### ABOUT THIS TASK
Please copy each line below that contains the string "SweptSolid".
== == ==
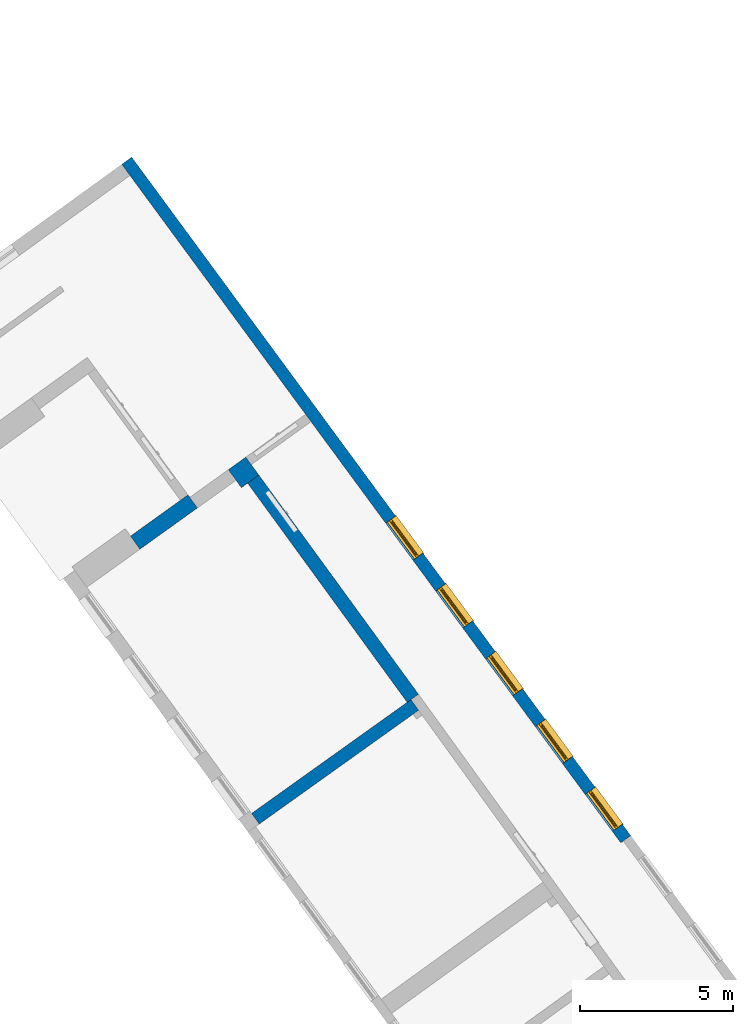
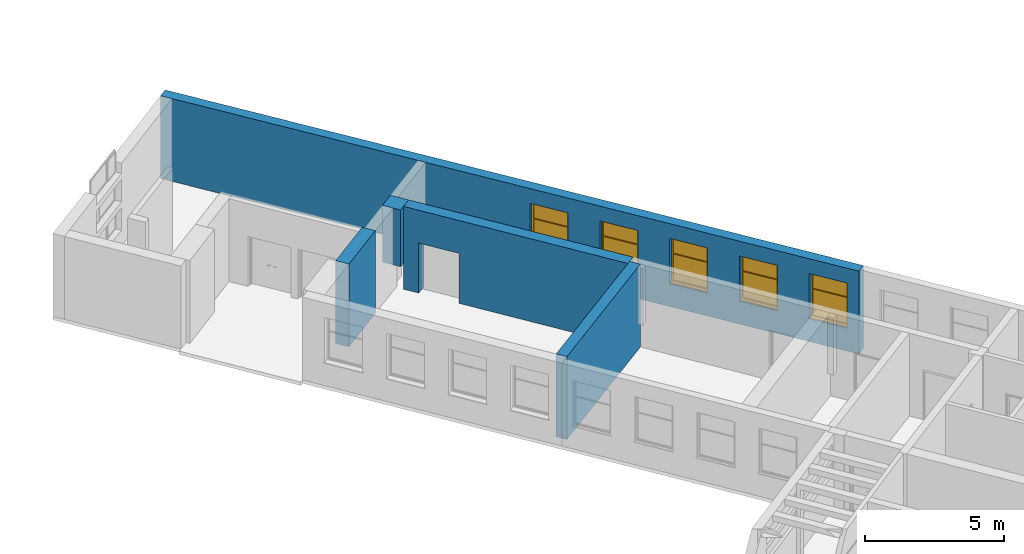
"""IFC2X3 building model written with IfcOpenShell, lengths in millimetres."""

from ifc_helpers import new_model, entity, si_unit, converted_unit, derived_unit, direction, frame, frame_2d, origin, place, context, subcontext, project, spatial, polyline, rectangle, outline, extrude, faceted_brep, source, transform, mapped, material, material_list, layer, layer_set, layer_usage, type_object, type_shapes, element, fill, save


model = new_model("IFC2X3")

# Units and contexts
model_context = context("Model", 3, precision=0.01, world=origin(), true_north=direction((6.123031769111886e-17, 1.0)))
body_context = subcontext(model_context, "Body", "Model", "MODEL_VIEW")
ifc_project = project(units=[si_unit("LENGTHUNIT", "METRE", prefix="MILLI"), si_unit("AREAUNIT", "SQUARE_METRE"), si_unit("VOLUMEUNIT", "CUBIC_METRE"), converted_unit("PLANEANGLEUNIT", "DEGREE", entity("IfcRatioMeasure", 0.017453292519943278), si_unit("PLANEANGLEUNIT", "RADIAN"), dimensions=[0, 0, 0, 0, 0, 0, 0]), si_unit("MASSUNIT", "GRAM", prefix="KILO"), derived_unit("MASSDENSITYUNIT", [(si_unit("MASSUNIT", "GRAM", prefix="KILO"), 1), (si_unit("LENGTHUNIT", "METRE"), -3)]), derived_unit("MOMENTOFINERTIAUNIT", [(si_unit("LENGTHUNIT", "METRE"), 4)]), si_unit("TIMEUNIT", "SECOND"), si_unit("FREQUENCYUNIT", "HERTZ"), si_unit("THERMODYNAMICTEMPERATUREUNIT", "DEGREE_CELSIUS"), derived_unit("THERMALTRANSMITTANCEUNIT", [(si_unit("MASSUNIT", "GRAM", prefix="KILO"), 1), (si_unit("THERMODYNAMICTEMPERATUREUNIT", "KELVIN"), -1), (si_unit("TIMEUNIT", "SECOND"), -3)]), derived_unit("THERMALCONDUCTANCEUNIT", [(si_unit("MASSUNIT", "GRAM", prefix="KILO"), 1), (si_unit("LENGTHUNIT", "METRE"), 1), (si_unit("THERMODYNAMICTEMPERATUREUNIT", "KELVIN"), -1), (si_unit("TIMEUNIT", "SECOND"), -3)]), derived_unit("VOLUMETRICFLOWRATEUNIT", [(si_unit("LENGTHUNIT", "METRE"), 3), (si_unit("TIMEUNIT", "SECOND"), -1)]), derived_unit("MASSFLOWRATEUNIT", [(si_unit("MASSUNIT", "GRAM", prefix="KILO"), 1), (si_unit("TIMEUNIT", "SECOND"), -1)]), derived_unit("ROTATIONALFREQUENCYUNIT", [(si_unit("TIMEUNIT", "SECOND"), -1)]), si_unit("ELECTRICCURRENTUNIT", "AMPERE"), si_unit("ELECTRICVOLTAGEUNIT", "VOLT"), si_unit("POWERUNIT", "WATT"), converted_unit("FORCEUNIT", "KIP", entity("IfcRatioMeasure", 2.088543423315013e-05), si_unit("FORCEUNIT", "NEWTON"), dimensions=[1, 1, -2, 0, 0, 0, 0]), si_unit("ILLUMINANCEUNIT", "LUX"), si_unit("LUMINOUSFLUXUNIT", "LUMEN"), si_unit("LUMINOUSINTENSITYUNIT", "CANDELA"), derived_unit("USERDEFINED", [(si_unit("MASSUNIT", "GRAM", prefix="KILO"), -1), (si_unit("LENGTHUNIT", "METRE"), -2), (si_unit("TIMEUNIT", "SECOND"), 3), (si_unit("LUMINOUSFLUXUNIT", "LUMEN"), 1)]), derived_unit("USERDEFINED", [(si_unit("MASSUNIT", "GRAM", prefix="KILO"), 1), (si_unit("LENGTHUNIT", "METRE"), 3), (si_unit("TIMEUNIT", "SECOND"), -3), (si_unit("ELECTRICCURRENTUNIT", "AMPERE"), -2)]), derived_unit("USERDEFINED", [(si_unit("LENGTHUNIT", "METRE"), 2), (si_unit("TIMEUNIT", "SECOND"), -2)]), derived_unit("SOUNDPOWERUNIT", [(si_unit("MASSUNIT", "GRAM", prefix="KILO"), 1), (si_unit("LENGTHUNIT", "METRE"), 2), (si_unit("TIMEUNIT", "SECOND"), -3)]), derived_unit("SOUNDPRESSUREUNIT", [(si_unit("MASSUNIT", "GRAM", prefix="KILO"), 1), (si_unit("LENGTHUNIT", "METRE"), -1), (si_unit("TIMEUNIT", "SECOND"), -2)]), derived_unit("LINEARVELOCITYUNIT", [(si_unit("LENGTHUNIT", "METRE"), 1), (si_unit("TIMEUNIT", "SECOND"), -1)]), si_unit("PRESSUREUNIT", "PASCAL"), derived_unit("USERDEFINED", [(si_unit("LENGTHUNIT", "METRE"), -2), (si_unit("MASSUNIT", "GRAM", prefix="KILO"), 1), (si_unit("TIMEUNIT", "SECOND"), -2)]), derived_unit("LINEARFORCEUNIT", [(si_unit("MASSUNIT", "GRAM", prefix="KILO"), 1), (si_unit("LENGTHUNIT", "METRE"), 1), (si_unit("TIMEUNIT", "SECOND"), -2), (si_unit("LENGTHUNIT", "METRE"), -1)]), derived_unit("PLANARFORCEUNIT", [(si_unit("MASSUNIT", "GRAM", prefix="KILO"), 1), (si_unit("LENGTHUNIT", "METRE"), 1), (si_unit("TIMEUNIT", "SECOND"), -2), (si_unit("LENGTHUNIT", "METRE"), -2)]), derived_unit("SPECIFICHEATCAPACITYUNIT", [(si_unit("LENGTHUNIT", "METRE"), 2), (si_unit("TIMEUNIT", "SECOND"), -2), (si_unit("THERMODYNAMICTEMPERATUREUNIT", "KELVIN"), -1)]), derived_unit("VAPORPERMEABILITYUNIT", [(si_unit("TIMEUNIT", "SECOND"), 1), (si_unit("LENGTHUNIT", "METRE"), -1)]), derived_unit("DYNAMICVISCOSITYUNIT", [(si_unit("MASSUNIT", "GRAM", prefix="KILO"), 1), (si_unit("LENGTHUNIT", "METRE"), -1), (si_unit("TIMEUNIT", "SECOND"), -1)]), derived_unit("THERMALEXPANSIONCOEFFICIENTUNIT", [(si_unit("THERMODYNAMICTEMPERATUREUNIT", "KELVIN"), -1)])], contexts=[model_context])

# Site, building, storey
site_placement = place(None, frame((0.0, 0.0, 0.0), z_axis=(0.0, 0.0, 1.0), x_axis=(0.8191520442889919, 0.5735764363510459, 0.0)))
site = spatial("IfcSite", under=ifc_project, at=site_placement, Name="Default", CompositionType="ELEMENT")
building_placement = place(site_placement, origin())
building = spatial("IfcBuilding", under=site, at=building_placement, CompositionType="ELEMENT")
storey_1_placement = place(building_placement, origin())
storey_1 = spatial("IfcBuildingStorey", under=building, at=storey_1_placement, Name="1.EG +0.00", CompositionType="ELEMENT", Elevation=-4.331468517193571e-12)

# Wall, opening
ifc_material_1 = material(Name="Analytical Wall Surface_CJC")
ifc_layer_1 = layer(ifc_material_1, 450.00000000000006)
ifc_layer_set_1 = layer_set([ifc_layer_1], Name="Basic Wall:Wand_Innen_45")
ifc_layer_usage_1 = layer_usage(ifc_layer_set_1, "AXIS2", "POSITIVE", -225.00000000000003)
wall_type_1 = type_object("IfcWallType", Name="Basic Wall:Wand_Innen_45", PredefinedType="STANDARD", material=ifc_layer_set_1)
wall_1_placement = place(storey_1_placement, frame((-184403.73033555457, 178460.05173972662, -1150.0), z_axis=(0.0, 0.0, 1.0), x_axis=(-0.018532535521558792, 0.9998282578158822, 0.0)))
wall_1 = element("IfcWallStandardCase", 1, at=wall_1_placement, inside=storey_1, type_object=wall_type_1, material=ifc_layer_usage_1, Name="Basic Wall:Wand_Innen_45", ObjectType="Basic Wall:Wand_Innen_45", context=body_context, shape_type="SweptSolid", body=[
    extrude(outline(polyline([(0.0, -225.0), (8865.515535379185, -225.0), (8865.5155353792, 225.0), (7085.786152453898, 225.0), (6785.780042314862, 225.0), (4773.382208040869, 225.0), (4473.375205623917, 225.0), (2443.311171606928, 225.0), (2143.311149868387, 225.0), (4.133318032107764, 225.0), (2.7581255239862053, 75.28090656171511), (0.0, -225.0)])), origin(), (0.0, 0.0, 1.0), 3650.000000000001),
])
opening_1_placement = place(wall_1_placement, frame((8265.515535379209, 225.0, 0.0)))
element("IfcOpeningElement", 2, at=opening_1_placement, cuts=wall_1, Name="M_Door-Passage-Double-Flush:150x210:1", ObjectType="Opening", context=body_context, shape_type="SweptSolid", body=[
    extrude(rectangle(XDim=2200.0, YDim=1599.999999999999, at=frame_2d((1100.0, 799.9999999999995), x_axis=(1.0, 0.0))), frame((0.0, 0.0, 0.0), z_axis=(0.0, -1.0, 0.0), x_axis=(0.0, 0.0, 1.0)), (0.0, 0.0, 1.0), 449.99999999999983),
])

# Wall, openings
ifc_layer_2 = layer(ifc_material_1, 400.0)
ifc_layer_set_2 = layer_set([ifc_layer_2], Name="Basic Wall:Wand_Aussen_40")
ifc_layer_usage_2 = layer_usage(ifc_layer_set_2, "AXIS2", "POSITIVE", -200.0)
wall_type_2 = type_object("IfcWallType", Name="Basic Wall:Wand_Aussen_40", PredefinedType="STANDARD", material=ifc_layer_set_2)
wall_2_placement = place(storey_1_placement, frame((-181345.3016697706, 170698.64050641, -1150.0), z_axis=(0.0, 0.0, 1.0), x_axis=(-0.02327581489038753, 0.9997290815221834, 0.0)))
wall_2 = element("IfcWallStandardCase", 3, at=wall_2_placement, inside=storey_1, type_object=wall_type_2, material=ifc_layer_usage_2, Name="Basic Wall:Wand_Aussen_40", ObjectType="Basic Wall:Wand_Aussen_40", context=body_context, shape_type="SweptSolid", body=[
    extrude(outline(polyline([(27523.528676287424, -200.0), (27526.658686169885, 200.0), (27076.644909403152, 200.0), (17386.73076779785, 200.0), (17086.710123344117, 200.0), (0.0, 200.0), (0.0, 100.0), (0.0, -200.0), (27523.528676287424, -200.0)])), origin(), (0.0, 0.0, 1.0), 3650.0000000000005),
])
opening_2_placement = place(wall_2_placement, frame((11463.509414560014, -200.0, 1000.0)))
opening_2 = element("IfcOpeningElement", 4, at=opening_2_placement, cuts=wall_2, Name="Windows_Sgl_Horz_Bars:200x150:1", ObjectType="Opening", context=body_context, shape_type="SweptSolid", body=[
    extrude(rectangle(XDim=2000.000000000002, YDim=1500.0, at=frame_2d((1000.0000000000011, 750.0000000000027), x_axis=(-1.0, 0.0))), frame((0.0, 0.0, 0.0), z_axis=(0.0, 1.0, 0.0), x_axis=(0.0, 0.0, 1.0)), (0.0, 0.0, 1.0), 400.0),
])
opening_3_placement = place(wall_2_placement, frame((8713.50941455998, -200.0, 1000.0)))
opening_3 = element("IfcOpeningElement", 5, at=opening_3_placement, cuts=wall_2, Name="Windows_Sgl_Horz_Bars:200x150:1", ObjectType="Opening", context=body_context, shape_type="SweptSolid", body=[
    extrude(rectangle(XDim=2000.000000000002, YDim=1500.0, at=frame_2d((1000.0000000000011, 750.0000000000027), x_axis=(-1.0, 0.0))), frame((0.0, 0.0, 0.0), z_axis=(0.0, 1.0, 0.0), x_axis=(0.0, 0.0, 1.0)), (0.0, 0.0, 1.0), 400.0),
])
opening_4_placement = place(wall_2_placement, frame((5963.509414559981, -200.0, 1000.0)))
opening_4 = element("IfcOpeningElement", 6, at=opening_4_placement, cuts=wall_2, Name="Windows_Sgl_Horz_Bars:200x150:1", ObjectType="Opening", context=body_context, shape_type="SweptSolid", body=[
    extrude(rectangle(XDim=2000.000000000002, YDim=1500.0, at=frame_2d((1000.0000000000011, 750.0000000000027), x_axis=(-1.0, 0.0))), frame((0.0, 0.0, 0.0), z_axis=(0.0, 1.0, 0.0), x_axis=(0.0, 0.0, 1.0)), (0.0, 0.0, 1.0), 400.0),
])
opening_5_placement = place(wall_2_placement, frame((3213.5094145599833, -200.0, 1000.0)))
opening_5 = element("IfcOpeningElement", 7, at=opening_5_placement, cuts=wall_2, Name="Windows_Sgl_Horz_Bars:200x150:1", ObjectType="Opening", context=body_context, shape_type="SweptSolid", body=[
    extrude(rectangle(XDim=2000.000000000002, YDim=1500.0, at=frame_2d((1000.0000000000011, 750.0000000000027), x_axis=(-1.0, 0.0))), frame((0.0, 0.0, 0.0), z_axis=(0.0, 1.0, 0.0), x_axis=(0.0, 0.0, 1.0)), (0.0, 0.0, 1.0), 400.0),
])
opening_6_placement = place(wall_2_placement, frame((463.50941455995, -200.0, 1000.0)))
opening_6 = element("IfcOpeningElement", 8, at=opening_6_placement, cuts=wall_2, Name="Windows_Sgl_Horz_Bars:200x150:1", ObjectType="Opening", context=body_context, shape_type="SweptSolid", body=[
    extrude(rectangle(XDim=2000.000000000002, YDim=1500.0000000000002, at=frame_2d((1000.0000000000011, 750.00000000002), x_axis=(-1.0, 0.0))), frame((0.0, 0.0, 0.0), z_axis=(0.0, 1.0, 0.0), x_axis=(0.0, 0.0, 1.0)), (0.0, 0.0, 1.0), 400.0),
])

# Storey
storey_2_placement = place(building_placement, frame((0.0, 0.0, -1150.0)))
storey_2 = spatial("IfcBuildingStorey", under=building, at=storey_2_placement, Name="6.EG KH -1.15", CompositionType="ELEMENT", Elevation=-1150.0000000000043)

# Window
ifc_material_2 = material(Name="Window Frame")
ifc_material_3 = material(Name="Glass")
ifc_material_list = material_list([ifc_material_2, ifc_material_3])
window_style = type_object("IfcWindowStyle", Name="Windows_Sgl_Horz_Bars:200x150", ConstructionType="NOTDEFINED", OperationType="SINGLE_PANEL", ParameterTakesPrecedence=False, Sizeable=False, material=ifc_material_list)
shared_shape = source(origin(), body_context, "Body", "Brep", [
== == ==
### SOLUTION TO THE PROBLEM
wall_1 = element("IfcWallStandardCase", 1, at=wall_1_placement, inside=storey_1, type_object=wall_type_1, material=ifc_layer_usage_1, Name="Basic Wall:Wand_Innen_45", ObjectType="Basic Wall:Wand_Innen_45", context=body_context, shape_type="SweptSolid", body=[
element("IfcOpeningElement", 2, at=opening_1_placement, cuts=wall_1, Name="M_Door-Passage-Double-Flush:150x210:1", ObjectType="Opening", context=body_context, shape_type="SweptSolid", body=[
wall_2 = element("IfcWallStandardCase", 3, at=wall_2_placement, inside=storey_1, type_object=wall_type_2, material=ifc_layer_usage_2, Name="Basic Wall:Wand_Aussen_40", ObjectType="Basic Wall:Wand_Aussen_40", context=body_context, shape_type="SweptSolid", body=[
opening_2 = element("IfcOpeningElement", 4, at=opening_2_placement, cuts=wall_2, Name="Windows_Sgl_Horz_Bars:200x150:1", ObjectType="Opening", context=body_context, shape_type="SweptSolid", body=[
opening_3 = element("IfcOpeningElement", 5, at=opening_3_placement, cuts=wall_2, Name="Windows_Sgl_Horz_Bars:200x150:1", ObjectType="Opening", context=body_context, shape_type="SweptSolid", body=[
opening_4 = element("IfcOpeningElement", 6, at=opening_4_placement, cuts=wall_2, Name="Windows_Sgl_Horz_Bars:200x150:1", ObjectType="Opening", context=body_context, shape_type="SweptSolid", body=[
opening_5 = element("IfcOpeningElement", 7, at=opening_5_placement, cuts=wall_2, Name="Windows_Sgl_Horz_Bars:200x150:1", ObjectType="Opening", context=body_context, shape_type="SweptSolid", body=[
opening_6 = element("IfcOpeningElement", 8, at=opening_6_placement, cuts=wall_2, Name="Windows_Sgl_Horz_Bars:200x150:1", ObjectType="Opening", context=body_context, shape_type="SweptSolid", body=[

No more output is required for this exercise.